Brittany Sandoval
East Regional Manager
Area Partner Tinker AFB, OK
When you find out you are going to become a parent, your whole world changes. You instantly start to plan and envision what your life will look like and what kind of parent you will be. You start to dream about what your sweet baby will look like, what hobbies they will have, and who they will become. These dreams are full of fun, happiness, and positive memories. No one ever imagines difficult moments. And you don’t imagine what it would look like to have a child with chronic medical needs. So, when that becomes your reality, your whole world doesn’t just change, it completely turns upside down.
We got my daughter’s diagnosis of VLCAD at 6 days old. I can still close my eyes and remember exactly where I was when I got the call that there was something “wrong” with my perfectly healthy-looking newborn who was sleeping in my lap. I remember feeling like I got hit in the stomach and trying to wake myself up from what felt like the worst nightmare. But I couldn’t wake up, because all in one second, my world was upside down and I felt like I was drowning.
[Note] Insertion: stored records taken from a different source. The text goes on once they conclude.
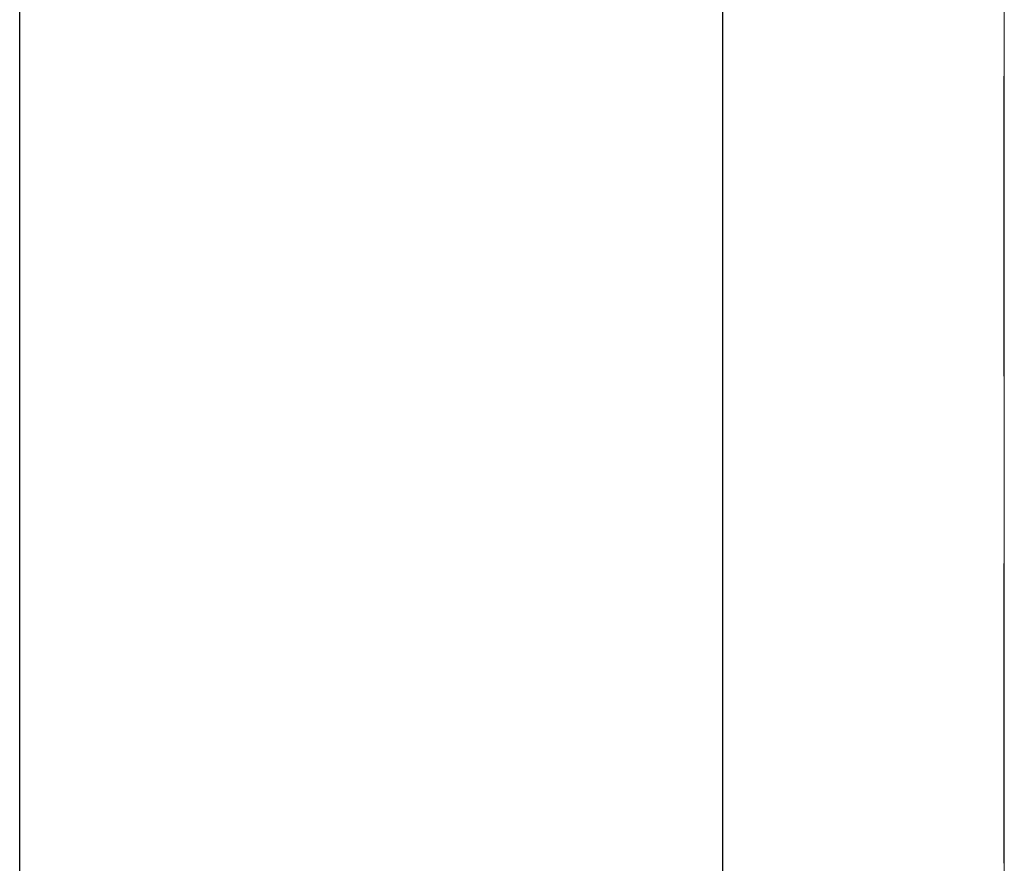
# Model space of a CAD drawing. Header units: millimetres. Extents: x -543656 to -529918, y -2500 to 6290.
# Tile 49 of 58: x -533044 to -532834, y 1126 to 1306. Entities that reach past the tile are written whole.
import ezdxf

# ---------------------------------------------------------------- set-up
doc = ezdxf.new("R2010")
doc.units = ezdxf.units.MM
doc.header["$MEASUREMENT"] = 0
doc.linetypes.add('Wipeout_Contour', pattern=[1000, 0, -1000])
for name, color, linetype in [('4 - ZDIVO - STĚNY NOSNÉ.3D', 7, 'Continuous'), ('Otvory – Dveře', 7, 'Continuous'), ('Výplně - Povrchové', 7, 'Continuous')]:
    doc.layers.add(name, color=color, linetype=linetype)

# ---------------------------------------------------------------- blocks, each defined once
blk = doc.blocks.new('Řez_76', base_point=(-1697940.48, 0))
at = {"color": 254, "linetype": 'Wipeout_Contour', "lineweight": 0, "ltscale": 2664784.913895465}
blk.add_wipeout([(-533044.22, 0), (-532894.22, 0), (-532894.22, 2125), (-532894.22, 2200), (-533044.22, 2200)], dxfattribs=at).dxf.layer = 'Výplně - Povrchové'
blk = doc.blocks.new('Řez_83', base_point=(-1697940.48, 0))
at = {"layer": 'Otvory – Dveře', "color": 7, "linetype": 'Continuous', "lineweight": 30}
blk.add_line((-533044.22, 0), (-533044.22, 2200), dxfattribs=at)
at = {"color": 254, "linetype": 'Wipeout_Contour', "lineweight": 0, "ltscale": 20248957.08400734}
blk.add_wipeout([(-532834.22, 2125), (-532894.22, 2125), (-532894.22, 0), (-532834.22, 0), (-532834.22, 873), (-532844.22, 873), (-532844.22, 927), (-532834.22, 927), (-532834.22, 973), (-532844.22, 973), (-532844.22, 990), (-532873.07, 990), (-532873.07, 991.25), (-532873.2, 991.25), (-532873.2, 988.76), (-532874.3, 986.02), (-532876.95, 984.88), (-532879.61, 986.02), (-532880.7, 988.76), (-532880.7, 991.25), (-532880.87, 991.25), (-532880.87, 990), (-532883.22, 990), (-532883.22, 1010), (-532880.87, 1010), (-532880.87, 1008.75), (-532880.7, 1008.75), (-532880.7, 1023.25), (-532879.61, 1025.9), (-532876.95, 1027), (-532874.3, 1025.9), (-532873.2, 1023.25), (-532873.2, 1008.75), (-532873.07, 1008.75), (-532873.07, 1010), (-532844.22, 1010), (-532844.22, 1027), (-532834.22, 1027)], dxfattribs=at).dxf.layer = 'Výplně - Povrchové'
at = {"layer": 'Otvory – Dveře', "color": 181, "linetype": 'Continuous', "lineweight": 30, "true_color": 0x9e3eff}
blk.add_line((-532894.22, 0), (-532894.22, 2125), dxfattribs=at)
at = {"layer": 'Otvory – Dveře', "color": 181, "linetype": 'Continuous', "lineweight": 0, "true_color": 0x9e3eff}
blk.add_line((-532834.22, 2125), (-532834.22, 0), dxfattribs=at)
at = {"layer": 'Otvory – Dveře', "color": 5, "linetype": 'Continuous', "lineweight": 0, "true_color": 0x1c1cff}
for p, q in [((-532834.32, 1294.17), (-532834.32, 1230.26)), ((-532834.32, 1190.32), (-532834.32, 1126.41))]:
    blk.add_line(p, q, dxfattribs=at)

msp = doc.modelspace()

# ---------------------------------------------------------------- block references
at = {"layer": '4 - ZDIVO - STĚNY NOSNÉ.3D', "lineweight": 0}
msp.add_blockref('Řez_76', (-1697940.48, 0), dxfattribs=at)

# ---------------------------------------------------------------- next in the draw order: block references
at = {"layer": 'Otvory – Dveře', "lineweight": 0}
msp.add_blockref('Řez_83', (-1697940.48, 0), dxfattribs=at)

doc.saveas('drawing.dxf')

It has been almost 8 years since then, and I wish I could say that our life has been easier than we imagined, but that would be a lie. My oldest daughter has had over 25 hospitalizations, hundreds of blood tests, and multiple surgeries, including the placement of her g-tube at just 6 months old. No one ever talked about how breast isn’t ALWAYS best and that sometimes it can even give your child heart and liver failure if they have certain health conditions. Feeding took on a whole new look for us from breast pumps and bottles to tubes and bags. I never knew how something as simple as eating could become so complex and complicated. And no one ever talks about the grief you experience even though you are parenting a living child.
We have since had two more beautiful babies, another of which was born with VLCAD and had her g-tube placed at 2 months old. We have established a new normal. One with syringes, extensions, and pumps beeping at all hours of the night. Although it was one of the hardest choices we ever made, I have never regretted having our kids’ g-tubes placed. It has given them the most normal lifestyle possible, has helped avoid more hospital stays than I can count, and allows my children to thrive. It has become a passion of mine to educate people and dispel the stereotypes that come along with having a child that has a second belly button.
So, why share my story? I just want to let you know that I’ve been there. I have been that parent sitting at the side of the hospital bed, watching the IV drip, the monitors watching every breath and heartbeat as it happens. I have been the parent that takes notes as I learned of a new diagnosis, a new medication, or a new treatment plan. I have been the parent that cries late at night in a darkened hospital hallway while your child sleeps peacefully in the room just steps away; where you feel like your whole world is crashing down around you but you hold it together to not scare your baby because you know you are the rock in their little life of uncertainty. Because as a special needs parent, that’s just what you do. We do everything in our power to help stabilize the crazy lifestyle that we live.
When I was approached in regards to helping launch the Enteral Department within MilitaryMommies, I instantly knew this was where I was supposed to be and what I was supposed to do. I am so honored to be associated with a company that truly believes in taking care of military families in all steps of parenthood. From your pregnancy and postpartum journey to beyond, we are here if you need us. It is a privilege to take care of you so that you can take care of them.
From one special needs parent to another, I see you. These are the moments you never dreamed of, but here you are. And although you may feel isolated, I want you to know that you aren’t alone. There is a whole world full of parents who know EXACTLY how you feel at that moment. We may be far apart physically, but know you are close to my heart, always.